When a line in the data below includes "from", pick it out and copy it.

——————————

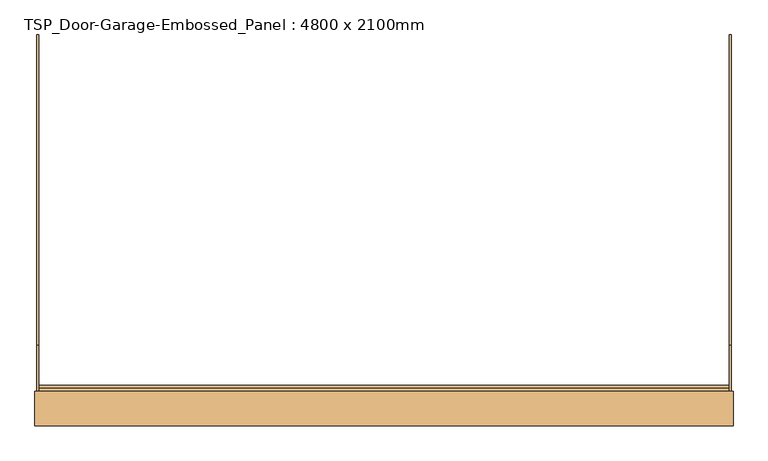
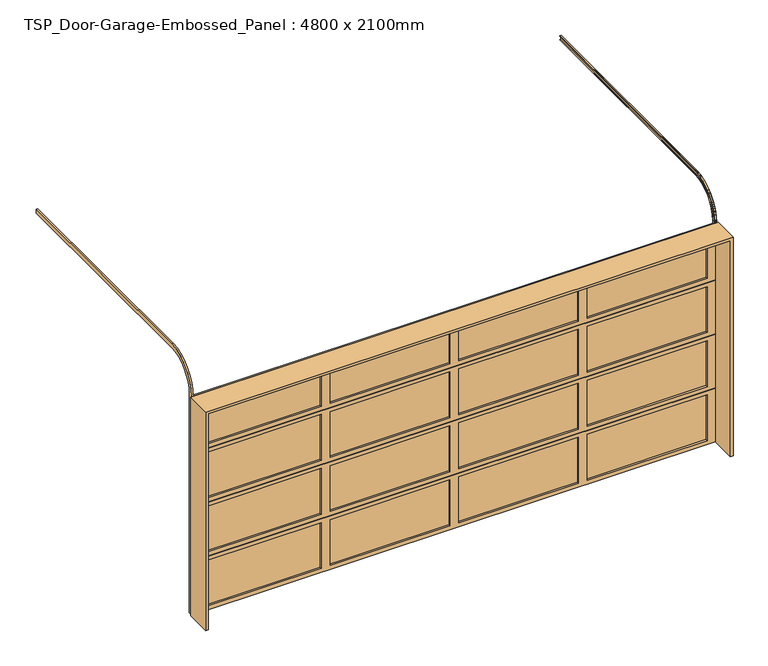
"""IFC4 building model written with IfcOpenShell, lengths in millimetres: door geometry, TSP_Door-Garage-Embossed_Panel : 4800 x 2100mm."""

from ifc_helpers import new_model, si_unit, frame, origin, place, context, project, spatial, polyline, circle_curve, outline, extrude, faceted_brep, source, transform, mapped, element, save
from ifc_brep_helpers import plane_surface, cylinder_surface, revolved_surface, advanced_brep


def tsp_door_garage_embossed_panel_4800_x_2100mm_f4924081(model_context):
    return source(origin(), model_context, "Body", "SolidModel", [
        extrude(outline(polyline([(1141.2666667, 140.0), (41.2666667, 140.0), (41.2666667, 146.35), (1141.2666667, 146.35), (1141.2666667, 140.0)])), frame((0.0, 0.0, 1615.0), z_axis=(0.0, 0.0, 1.0), x_axis=(1.0, 0.0, 0.0)), (0.0, 0.0, 1.0), 445.0),
        extrude(outline(polyline([(-41.2666667, 140.0), (-1141.2666667, 140.0), (-1141.2666667, 146.35), (-41.2666667, 146.35), (-41.2666667, 140.0)])), frame((0.0, 0.0, 1615.0), z_axis=(0.0, 0.0, 1.0), x_axis=(1.0, 0.0, 0.0)), (0.0, 0.0, 1.0), 445.0),
        extrude(outline(polyline([(2323.8, 140.0), (1223.8, 140.0), (1223.8, 146.35), (2323.8, 146.35), (2323.8, 140.0)])), frame((0.0, 0.0, 1615.0), z_axis=(0.0, 0.0, 1.0), x_axis=(1.0, 0.0, 0.0)), (0.0, 0.0, 1.0), 445.0),
        extrude(outline(polyline([(-1223.8, 140.0), (-2323.8, 140.0), (-2323.8, 146.35), (-1223.8, 146.35), (-1223.8, 140.0)])), frame((0.0, 0.0, 1615.0), z_axis=(0.0, 0.0, 1.0), x_axis=(1.0, 0.0, 0.0)), (0.0, 0.0, 1.0), 445.0),
        faceted_brep([(2400.0, 146.35, 2103.175), (2400.0, 146.35, 2096.825), (2400.0, 123.175, 2096.825), (2400.0, 123.175, 1575.0), (2400.0, 140.0, 1575.0), (2400.0, 140.0, 1581.35), (2400.0, 163.175, 1581.35), (2400.0, 163.175, 2103.175), (-2400.0, 163.175, 2103.175), (-2400.0, 163.175, 1581.35), (-2400.0, 140.0, 1581.35), (-2400.0, 140.0, 1575.0), (-2400.0, 123.175, 1575.0), (-2400.0, 123.175, 2096.825), (-2400.0, 146.35, 2096.825), (-2400.0, 146.35, 2103.175), (1223.8, 163.175, 2060.0), (1223.8, 163.175, 1615.0), (2323.8, 163.175, 1615.0), (2323.8, 163.175, 2060.0), (-1141.2666667, 163.175, 2060.0), (-1141.2666667, 163.175, 1615.0), (-41.2666667, 163.175, 1615.0), (-41.2666667, 163.175, 2060.0), (41.2666667, 163.175, 2060.0), (41.2666667, 163.175, 1615.0), (1141.2666667, 163.175, 1615.0), (1141.2666667, 163.175, 2060.0), (-2323.8, 163.175, 2060.0), (-2323.8, 163.175, 1615.0), (-1223.8, 163.175, 1615.0), (-1223.8, 163.175, 2060.0), (2323.8, 123.175, 2060.0), (2323.8, 123.175, 1615.0), (1223.8, 123.175, 1615.0), (1223.8, 123.175, 2060.0), (-41.2666667, 123.175, 2060.0), (-41.2666667, 123.175, 1615.0), (-1141.2666667, 123.175, 1615.0), (-1141.2666667, 123.175, 2060.0), (1141.2666667, 123.175, 2060.0), (1141.2666667, 123.175, 1615.0), (41.2666667, 123.175, 1615.0), (41.2666667, 123.175, 2060.0), (-1223.8, 123.175, 2060.0), (-1223.8, 123.175, 1615.0), (-2323.8, 123.175, 1615.0), (-2323.8, 123.175, 2060.0)], [[[0, 1, 2, 3, 4, 5, 6, 7]], [[8, 9, 10, 11, 12, 13, 14, 15]], [[7, 8, 15, 0]], [[6, 9, 8, 7], [16, 17, 18, 19], [20, 21, 22, 23], [24, 25, 26, 27], [28, 29, 30, 31]], [[5, 10, 9, 6]], [[4, 11, 10, 5]], [[3, 12, 11, 4]], [[2, 13, 12, 3], [32, 33, 34, 35], [36, 37, 38, 39], [40, 41, 42, 43], [44, 45, 46, 47]], [[1, 14, 13, 2]], [[0, 15, 14, 1]], [[16, 19, 32, 35]], [[35, 34, 17, 16]], [[34, 33, 18, 17]], [[19, 18, 33, 32]], [[20, 23, 36, 39]], [[39, 38, 21, 20]], [[38, 37, 22, 21]], [[23, 22, 37, 36]], [[24, 27, 40, 43]], [[43, 42, 25, 24]], [[42, 41, 26, 25]], [[27, 26, 41, 40]], [[28, 31, 44, 47]], [[47, 46, 29, 28]], [[46, 45, 30, 29]], [[31, 30, 45, 44]]]),
        extrude(outline(polyline([(1141.2666667, 140.0), (41.2666667, 140.0), (41.2666667, 146.35), (1141.2666667, 146.35), (1141.2666667, 140.0)])), frame((0.0, 0.0, 1090.0), z_axis=(0.0, 0.0, 1.0), x_axis=(1.0, 0.0, 0.0)), (0.0, 0.0, 1.0), 445.0),
        extrude(outline(polyline([(-41.2666667, 140.0), (-1141.2666667, 140.0), (-1141.2666667, 146.35), (-41.2666667, 146.35), (-41.2666667, 140.0)])), frame((0.0, 0.0, 1090.0), z_axis=(0.0, 0.0, 1.0), x_axis=(1.0, 0.0, 0.0)), (0.0, 0.0, 1.0), 445.0),
        extrude(outline(polyline([(2323.8, 140.0), (1223.8, 140.0), (1223.8, 146.35), (2323.8, 146.35), (2323.8, 140.0)])), frame((0.0, 0.0, 1090.0), z_axis=(0.0, 0.0, 1.0), x_axis=(1.0, 0.0, 0.0)), (0.0, 0.0, 1.0), 445.0),
        extrude(outline(polyline([(-1223.8, 140.0), (-2323.8, 140.0), (-2323.8, 146.35), (-1223.8, 146.35), (-1223.8, 140.0)])), frame((0.0, 0.0, 1090.0), z_axis=(0.0, 0.0, 1.0), x_axis=(1.0, 0.0, 0.0)), (0.0, 0.0, 1.0), 445.0),
        faceted_brep([(2400.0, 146.35, 1578.175), (2400.0, 146.35, 1571.825), (2400.0, 123.175, 1571.825), (2400.0, 123.175, 1050.0), (2400.0, 140.0, 1050.0), (2400.0, 140.0, 1056.35), (2400.0, 163.175, 1056.35), (2400.0, 163.175, 1578.175), (-2400.0, 163.175, 1578.175), (-2400.0, 163.175, 1056.35), (-2400.0, 140.0, 1056.35), (-2400.0, 140.0, 1050.0), (-2400.0, 123.175, 1050.0), (-2400.0, 123.175, 1571.825), (-2400.0, 146.35, 1571.825), (-2400.0, 146.35, 1578.175), (1223.8, 163.175, 1535.0), (1223.8, 163.175, 1090.0), (2323.8, 163.175, 1090.0), (2323.8, 163.175, 1535.0), (-1141.2666667, 163.175, 1535.0), (-1141.2666667, 163.175, 1090.0), (-41.2666667, 163.175, 1090.0), (-41.2666667, 163.175, 1535.0), (41.2666667, 163.175, 1535.0), (41.2666667, 163.175, 1090.0), (1141.2666667, 163.175, 1090.0), (1141.2666667, 163.175, 1535.0), (-2323.8, 163.175, 1535.0), (-2323.8, 163.175, 1090.0), (-1223.8, 163.175, 1090.0), (-1223.8, 163.175, 1535.0), (2323.8, 123.175, 1535.0), (2323.8, 123.175, 1090.0), (1223.8, 123.175, 1090.0), (1223.8, 123.175, 1535.0), (-41.2666667, 123.175, 1535.0), (-41.2666667, 123.175, 1090.0), (-1141.2666667, 123.175, 1090.0), (-1141.2666667, 123.175, 1535.0), (1141.2666667, 123.175, 1535.0), (1141.2666667, 123.175, 1090.0), (41.2666667, 123.175, 1090.0), (41.2666667, 123.175, 1535.0), (-1223.8, 123.175, 1535.0), (-1223.8, 123.175, 1090.0), (-2323.8, 123.175, 1090.0), (-2323.8, 123.175, 1535.0)], [[[0, 1, 2, 3, 4, 5, 6, 7]], [[8, 9, 10, 11, 12, 13, 14, 15]], [[7, 8, 15, 0]], [[6, 9, 8, 7], [16, 17, 18, 19], [20, 21, 22, 23], [24, 25, 26, 27], [28, 29, 30, 31]], [[5, 10, 9, 6]], [[4, 11, 10, 5]], [[3, 12, 11, 4]], [[2, 13, 12, 3], [32, 33, 34, 35], [36, 37, 38, 39], [40, 41, 42, 43], [44, 45, 46, 47]], [[1, 14, 13, 2]], [[0, 15, 14, 1]], [[16, 19, 32, 35]], [[35, 34, 17, 16]], [[34, 33, 18, 17]], [[19, 18, 33, 32]], [[20, 23, 36, 39]], [[39, 38, 21, 20]], [[38, 37, 22, 21]], [[23, 22, 37, 36]], [[24, 27, 40, 43]], [[43, 42, 25, 24]], [[42, 41, 26, 25]], [[27, 26, 41, 40]], [[28, 31, 44, 47]], [[47, 46, 29, 28]], [[46, 45, 30, 29]], [[31, 30, 45, 44]]]),
        extrude(outline(polyline([(1141.2666667, 140.0), (41.2666667, 140.0), (41.2666667, 146.35), (1141.2666667, 146.35), (1141.2666667, 140.0)])), frame((0.0, 0.0, 565.0), z_axis=(0.0, 0.0, 1.0), x_axis=(1.0, 0.0, 0.0)), (0.0, 0.0, 1.0), 445.0),
        extrude(outline(polyline([(-41.2666667, 140.0), (-1141.2666667, 140.0), (-1141.2666667, 146.35), (-41.2666667, 146.35), (-41.2666667, 140.0)])), frame((0.0, 0.0, 565.0), z_axis=(0.0, 0.0, 1.0), x_axis=(1.0, 0.0, 0.0)), (0.0, 0.0, 1.0), 445.0),
        extrude(outline(polyline([(2323.8, 140.0), (1223.8, 140.0), (1223.8, 146.35), (2323.8, 146.35), (2323.8, 140.0)])), frame((0.0, 0.0, 565.0), z_axis=(0.0, 0.0, 1.0), x_axis=(1.0, 0.0, 0.0)), (0.0, 0.0, 1.0), 445.0),
        extrude(outline(polyline([(-1223.8, 140.0), (-2323.8, 140.0), (-2323.8, 146.35), (-1223.8, 146.35), (-1223.8, 140.0)])), frame((0.0, 0.0, 565.0), z_axis=(0.0, 0.0, 1.0), x_axis=(1.0, 0.0, 0.0)), (0.0, 0.0, 1.0), 445.0),
        faceted_brep([(2400.0, 146.35, 1053.175), (2400.0, 146.35, 1046.825), (2400.0, 123.175, 1046.825), (2400.0, 123.175, 525.0), (2400.0, 140.0, 525.0), (2400.0, 140.0, 531.35), (2400.0, 163.175, 531.35), (2400.0, 163.175, 1053.175), (-2400.0, 163.175, 1053.175), (-2400.0, 163.175, 531.35), (-2400.0, 140.0, 531.35), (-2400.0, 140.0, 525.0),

——————————

[Answer space]
from ifc_helpers import new_model, si_unit, frame, origin, place, context, project, spatial, polyline, circle_curve, outline, extrude, faceted_brep, source, transform, mapped, element, save
from ifc_brep_helpers import plane_surface, cylinder_surface, revolved_surface, advanced_brep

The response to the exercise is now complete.